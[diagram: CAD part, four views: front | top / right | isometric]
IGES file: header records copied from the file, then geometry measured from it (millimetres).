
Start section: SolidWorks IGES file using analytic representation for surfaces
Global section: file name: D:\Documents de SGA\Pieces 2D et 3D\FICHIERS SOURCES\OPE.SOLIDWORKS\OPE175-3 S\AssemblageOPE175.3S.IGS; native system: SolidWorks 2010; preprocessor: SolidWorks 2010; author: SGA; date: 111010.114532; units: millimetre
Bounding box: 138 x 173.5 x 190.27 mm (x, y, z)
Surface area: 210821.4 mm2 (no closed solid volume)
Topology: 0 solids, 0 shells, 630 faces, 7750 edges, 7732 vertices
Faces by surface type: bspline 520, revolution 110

__________________________________________________

**Aim of the task**
Print only the lines from the one with "IGES file: header" to the end of the records, both included.

**Result of the task**
IGES file: header records copied from the file, then geometry measured from it (millimetres).
Start section: SolidWorks IGES file using analytic representation for surfaces
Global section: file name: D:\Documents de SGA\Pieces 2D et 3D\FICHIERS SOURCES\OPE.SOLIDWORKS\OPE175-3 S\AssemblageOPE175.3S.IGS; native system: SolidWorks 2010; preprocessor: SolidWorks 2010; author: SGA; date: 111010.114532; units: millimetre
Bounding box: 138 x 173.5 x 190.27 mm (x, y, z)
Surface area: 210821.4 mm2 (no closed solid volume)
Topology: 0 solids, 0 shells, 630 faces, 7750 edges, 7732 vertices
Faces by surface type: bspline 520, revolution 110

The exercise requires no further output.